CVE-2025-2007 is a vulnerability classified under CWE-23 (Relative Path Traversal) found in the Import Export Suite for CSV and XML Datafeed plugin for WordPress, developed by smackcoders. The flaw exists in the deleteImage() function, which fails to properly validate file paths before deleting files. This lack of validation allows an authenticated attacker, even with low-level privileges such as Subscriber, to craft requests that specify arbitrary file paths outside the intended directory scope. Consequently, the attacker can delete any file on the server accessible by the web server user, including critical WordPress configuration files like wp-config.php. Deleting such files can disrupt site availability or facilitate remote code execution by forcing WordPress to regenerate configuration or by enabling further exploitation.

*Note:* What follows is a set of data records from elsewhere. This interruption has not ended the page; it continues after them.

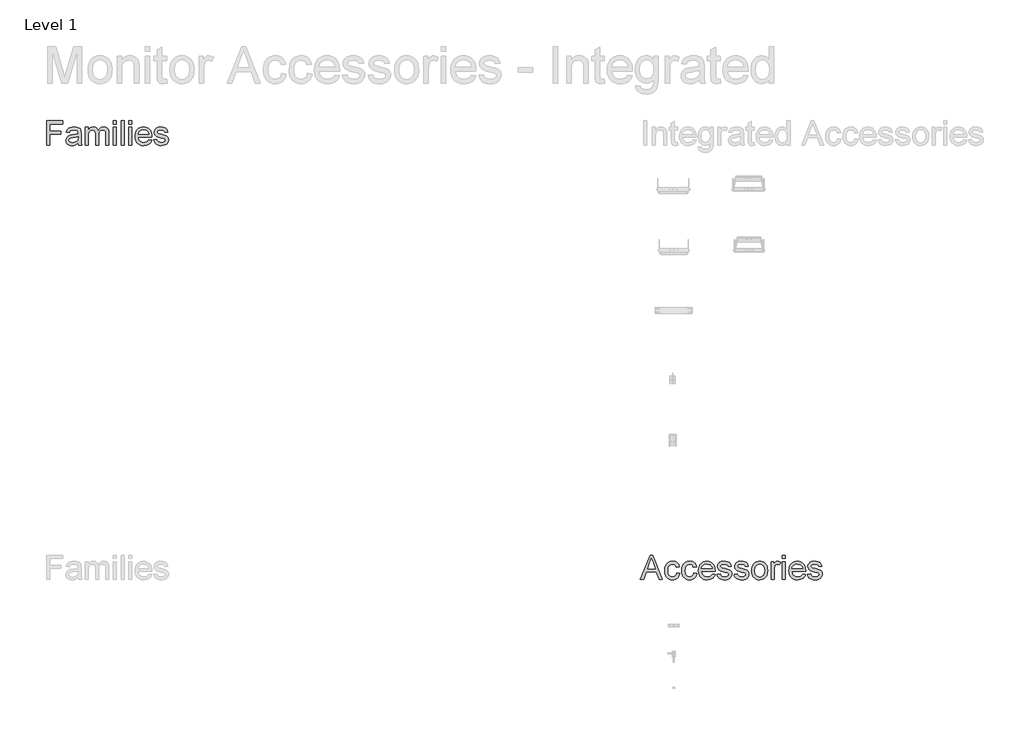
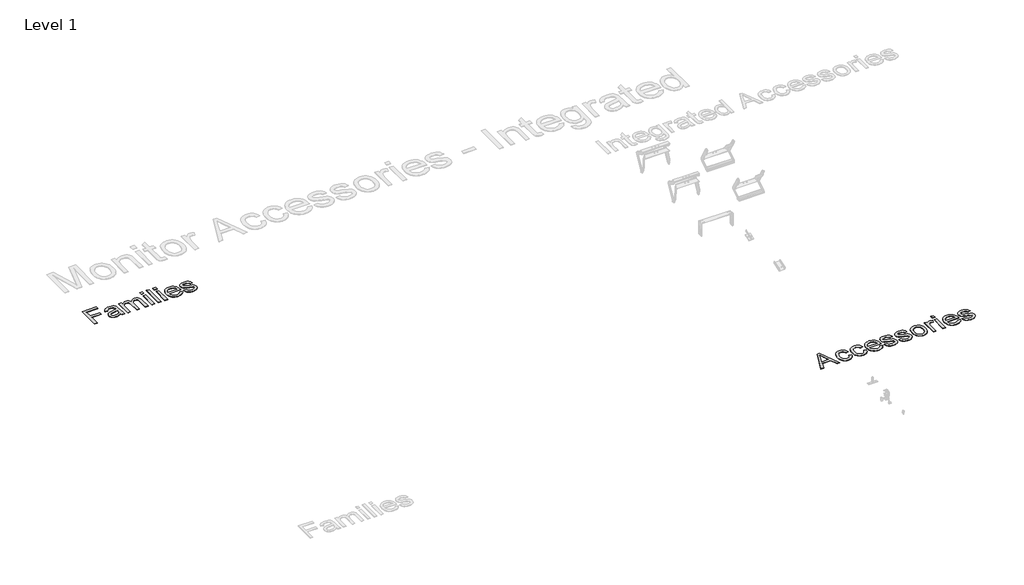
# One storey, part 2 of 7: 2 proxies.
"""IFC4 building model written with IfcOpenShell, lengths in millimetres."""

from ifc_helpers import new_model, si_unit, origin, origin_with_axes, place, context, project, spatial, polyline, outline, extrude, element, save

model = new_model("IFC4")

# Units and contexts
model_context = context("Model", 3, world=origin())
ifc_project = project(units=[si_unit("LENGTHUNIT", "METRE", prefix="MILLI")], contexts=[model_context])

# Site, building, storey
site = spatial("IfcSite", under=ifc_project)
building = spatial("IfcBuilding", under=site)
storey = spatial("IfcBuildingStorey", under=building, Name="Level 1", Elevation=0.0)

# Proxies
placement = place(None, origin())
element("IfcBuildingElementProxy", 1, Name="400mm Arial", ObjectType="400mm Arial", at=placement, inside=storey, context=model_context, shape_type="SweptSolid", body=[
    extrude(outline(polyline([(-21056.720891, 10851.3054836), (-21056.720891, 11243.0630593), (-20793.5087698, 11243.0630593), (-20793.5087698, 11194.0933624), (-21007.7511941, 11194.0933624), (-21007.7511941, 11077.7903321), (-20824.1148304, 11077.7903321), (-20824.1148304, 11028.8206351), (-21007.7511941, 11028.8206351), (-21007.7511941, 10851.3054836), (-21056.720891, 10851.3054836)])), origin_with_axes(), (0.0, 0.0, 1.0), 5.0),
    extrude(outline(polyline([(-20548.660285, 10888.0327563), (-20572.0571836, 10867.97144), (-20596.1475009, 10854.8443093), (-20621.4811893, 10847.5992809), (-20648.6082016, 10845.1842715), (-20670.4120309, 10846.6368638), (-20689.5318522, 10850.9946408), (-20705.9676654, 10858.2576024), (-20719.7194706, 10868.4257487), (-20730.5780466, 10880.8534831), (-20738.3341723, 10894.895209), (-20742.9878477, 10910.5509263), (-20744.5390729, 10927.8206351), (-20742.1957963, 10948.1210612), (-20735.1659668, 10966.5564305), (-20724.3223352, 10982.3376805), (-20710.5376524, 10994.6757487), (-20676.2493001, 11010.7439305), (-20633.879035, 11018.1085139), (-20583.8094327, 11025.855673), (-20548.9472168, 11034.9418472), (-20548.660285, 11045.8452563), (-20552.0317338, 11067.6998965), (-20562.1460804, 11081.9986654), (-20584.7658721, 11092.6151427), (-20616.2805501, 11096.1539684), (-20645.4519516, 11093.7987364), (-20665.8241107, 11086.7330404), (-20679.7163929, 11073.6656872), (-20689.4481638, 11053.3054836), (-20738.4178607, 11059.4266957), (-20729.9175056, 11086.2069987), (-20717.2327282, 11107.2486654), (-20699.1799346, 11123.3407582), (-20674.5755312, 11135.2723396), (-20644.4835568, 11142.660834), (-20609.9680501, 11145.1236654), (-20576.8632916, 11142.9477658), (-20550.6209857, 11136.4200669), (-20530.8346458, 11126.6046076), (-20517.097785, 11114.5654268), (-20507.9876997, 11099.6808387), (-20502.0816865, 11081.3291578), (-20499.690588, 11038.480673), (-20499.690588, 10977.5554836), (-20497.2038456, 10892.4801995), (-20487.4481638, 10851.3054836), (-20536.4178607, 10851.3054836), (-20544.2606638, 10868.3301048), (-20548.660285, 10888.0327563)]), holes=[polyline([(-20548.660285, 10985.9721502), (-20581.5618001, 10977.8185044), (-20627.6621789, 10970.9560518), (-20669.7933342, 10963.0176048), (-20680.7565208, 10957.5898112), (-20688.8743001, 10950.105673), (-20693.8956069, 10941.1390536), (-20695.5693759, 10931.2638169), (-20691.9229507, 10916.7020271), (-20680.9836751, 10904.7704457), (-20662.990659, 10896.8080877), (-20638.1830122, 10894.1539684), (-20611.8809289, 10897.0830641), (-20588.6394516, 10905.870351), (-20569.7975956, 10918.8181493), (-20556.6943759, 10934.228779), (-20550.8840066, 10950.105673), (-20548.9472168, 10972.103779), (-20548.660285, 10985.9721502)])]), origin_with_axes(), (0.0, 0.0, 1.0), 5.0),
    extrude(outline(polyline([(-20432.3572547, 10851.3054836), (-20432.3572547, 11139.0024533), (-20383.3875577, 11139.0024533), (-20383.3875577, 11091.6587033), (-20368.658391, 11113.405744), (-20349.720891, 11130.4423207), (-20327.2206543, 11141.4533292), (-20301.8032774, 11145.1236654), (-20274.5686657, 11141.3815963), (-20252.7379365, 11130.1553889), (-20236.4306448, 11112.1862838), (-20225.7663456, 11088.2155215), (-20207.9167954, 11113.1128344), (-20187.5565918, 11130.8966294), (-20164.6857348, 11141.5669064), (-20139.3042244, 11145.1236654), (-20119.7002057, 11143.6441732), (-20102.4932632, 11139.2056966), (-20087.683397, 11131.8082357), (-20075.2706069, 11121.4517904), (-20065.4581365, 11108.0168058), (-20058.4492291, 11091.3837269), (-20054.2438846, 11071.5525539), (-20052.8421032, 11048.5232866), (-20052.8421032, 10851.3054836), (-20101.8118001, 10851.3054836), (-20101.8118001, 11027.4816199), (-20106.3548872, 11068.369404), (-20112.7391202, 11079.6434334), (-20122.8056448, 11088.5024533), (-20135.7534431, 11094.2410896), (-20150.7814971, 11096.1539684), (-20177.3107348, 11091.2522165), (-20198.9382206, 11076.5469608), (-20207.3279874, 11065.2669537), (-20213.320678, 11051.03394), (-20218.1148304, 11013.7088927), (-20218.1148304, 10851.3054836), (-20267.0845274, 10851.3054836), (-20267.0845274, 11032.9333245), (-20269.9179791, 11060.6222449), (-20278.4183342, 11080.3727184), (-20293.3746552, 11092.2086559), (-20315.5760047, 11096.1539684), (-20334.4417717, 11093.5237601), (-20351.8250577, 11085.6331351), (-20366.1716486, 11072.6733813), (-20375.9273304, 11054.8357866), (-20381.5225009, 11030.0879173), (-20383.3875577, 10996.3973396), (-20383.3875577, 10851.3054836), (-20432.3572547, 10851.3054836)])), origin_with_axes(), (0.0, 0.0, 1.0), 5.0),
    extrude(outline(polyline([(-19979.3875577, 10851.3054836), (-19979.3875577, 11139.0024533), (-19930.4178607, 11139.0024533), (-19930.4178607, 10851.3054836), (-19979.3875577, 10851.3054836)])), origin_with_axes(), (0.0, 0.0, 1.0), 5.0),
    extrude(outline(polyline([(-19979.3875577, 11194.0933624), (-19979.3875577, 11243.0630593), (-19930.4178607, 11243.0630593), (-19930.4178607, 11194.0933624), (-19979.3875577, 11194.0933624)])), origin_with_axes(), (0.0, 0.0, 1.0), 5.0),
    extrude(outline(polyline([(-19856.9633153, 10851.3054836), (-19856.9633153, 11243.0630593), (-19807.9936183, 11243.0630593), (-19807.9936183, 10851.3054836), (-19856.9633153, 10851.3054836)])), origin_with_axes(), (0.0, 0.0, 1.0), 5.0),
    extrude(outline(polyline([(-19734.5390729, 10851.3054836), (-19734.5390729, 11139.0024533), (-19685.5693759, 11139.0024533), (-19685.5693759, 10851.3054836), (-19734.5390729, 10851.3054836)])), origin_with_axes(), (0.0, 0.0, 1.0), 5.0),
    extrude(outline(polyline([(-19734.5390729, 11194.0933624), (-19734.5390729, 11243.0630593), (-19685.5693759, 11243.0630593), (-19685.5693759, 11194.0933624), (-19734.5390729, 11194.0933624)])), origin_with_axes(), (0.0, 0.0, 1.0), 5.0),
    extrude(outline(polyline([(-19410.6886941, 10937.0024533), (-19362.6754365, 10930.8812411), (-19370.0370309, 10911.6508316), (-19379.975034, 10894.7039211), (-19392.4894457, 10880.0405096), (-19407.580266, 10867.6605972), (-19425.0920736, 10857.8272047), (-19444.8694469, 10850.8033529), (-19491.220891, 10845.1842715), (-19521.605775, 10847.6082475), (-19548.6789876, 10854.8801758), (-19572.4405288, 10867.0000563), (-19592.8903986, 10883.9678889), (-19609.3351784, 10905.3114317), (-19621.0814497, 10930.5584429), (-19628.1292125, 10959.7089223), (-19630.4784668, 10992.7628699), (-19628.1053015, 11026.937645), (-19620.9858058, 11057.0595082), (-19609.1199796, 11083.1284594), (-19592.5078229, 11105.1444987), (-19572.1117528, 11122.6353841), (-19548.8941865, 11135.1288737), (-19522.855124, 11142.6249675), (-19493.9945653, 11145.1236654), (-19466.0635461, 11142.6309452), (-19440.8045795, 11135.1527847), (-19418.2176654, 11122.6891839), (-19398.3028039, 11105.2401427), (-19382.0463231, 11083.2719253), (-19370.4345511, 11057.2507961), (-19363.4674879, 11027.1767549), (-19361.1451335, 10993.0498018), (-19361.4320653, 10979.8509381), (-19581.5087698, 10979.8509381), (-19578.6723292, 10960.3096858), (-19573.0323257, 10943.1953983), (-19564.5887592, 10928.5080759), (-19553.3416297, 10916.2477184), (-19524.9234242, 10899.6774059), (-19490.2644516, 10894.1539684), (-19464.2014782, 10896.7124438), (-19442.2511941, 10904.3878699), (-19424.4135994, 10917.6584665), (-19410.6886941, 10937.0024533)]), holes=[polyline([(-19581.5087698, 11028.8206351), (-19410.1148304, 11028.8206351), (-19416.7381732, 11054.6923207), (-19429.721838, 11073.199423), (-19443.076123, 11083.2420366), (-19458.2715539, 11090.4153321), (-19494.1858532, 11096.1539684), (-19527.1949677, 11091.5750148), (-19554.4893569, 11077.838154), (-19573.4627234, 11056.4258671), (-19581.5087698, 11028.8206351)])]), origin_with_axes(), (0.0, 0.0, 1.0), 5.0),
    extrude(outline(polyline([(-19330.5390729, 10937.0024533), (-19281.5693759, 10943.1236654), (-19273.8461278, 10922.1776427), (-19258.9017622, 10906.7789684), (-19236.6406354, 10897.3102184), (-19206.9671032, 10894.1539684), (-19177.6522357, 10897.0471976), (-19157.0409668, 10905.7268851), (-19144.8463645, 10918.3040631), (-19140.7814971, 10932.8897639), (-19144.8702755, 10945.371298), (-19157.1366107, 10954.8878699), (-19207.5409668, 10968.8518851), (-19281.2824441, 10992.8106919), (-19299.9449677, 11004.8498728), (-19313.4666297, 11020.7865442), (-19321.680053, 11039.6044893), (-19324.4178607, 11060.2874911), (-19322.2180501, 11079.2608576), (-19315.6186183, 11096.775654), (-19305.2173399, 11112.1384618), (-19291.6119895, 11124.6558624), (-19260.4798872, 11139.1459192), (-19218.3487319, 11145.1236654), (-19186.4753891, 11142.7206114), (-19158.7625577, 11135.5114495), (-19136.4775198, 11124.2015536), (-19120.8875577, 11109.496298), (-19110.5580122, 11090.3077326), (-19104.0542244, 11065.5479078), (-19153.0239213, 11059.4266957), (-19159.2049109, 11074.8373254), (-19171.4353797, 11086.4461086), (-19189.8348825, 11093.7270035), (-19214.5229744, 11096.1539684), (-19242.6422925, 11093.8346029), (-19261.3885047, 11086.8765063), (-19271.933249, 11076.8338927), (-19275.4481638, 11065.260976), (-19269.6138835, 11051.010029), (-19251.345891, 11040.2022639), (-19209.1669138, 11029.7770745), (-19137.2904933, 11006.7268851), (-19118.3051713, 10995.7039211), (-19103.9107585, 10980.6160896), (-19094.8365397, 10961.4155688), (-19091.8118001, 10938.0545366), (-19095.3625814, 10913.9044419), (-19106.0149251, 10891.1890063), (-19123.3623446, 10871.6895982), (-19146.9983532, 10857.1875858), (-19175.5480691, 10848.1851), (-19207.6366107, 10845.1842715), (-19233.9924938, 10846.630886), (-19257.0127944, 10850.9707298), (-19276.6975127, 10858.2038027), (-19293.0466486, 10868.3301048), (-19306.4009336, 10881.3018141), (-19317.1010994, 10897.0711086), (-19325.1471458, 10915.6379883), (-19330.5390729, 10937.0024533)])), origin_with_axes(), (0.0, 0.0, 1.0), 5.0),
])
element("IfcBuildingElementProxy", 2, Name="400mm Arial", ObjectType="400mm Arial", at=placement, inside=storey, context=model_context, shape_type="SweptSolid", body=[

The vulnerability affects all plugin versions up to and including 7.19. The CVSS v3.1 base score is 8.1, reflecting network attack vector, low attack complexity, privileges required, no user interaction, and high impact on integrity and availability. Although no public exploits have been reported yet, the vulnerability's characteristics make it a high-risk issue for WordPress sites using this plugin. The absence of patch links indicates that a fix may not yet be publicly available, increasing the urgency for mitigation.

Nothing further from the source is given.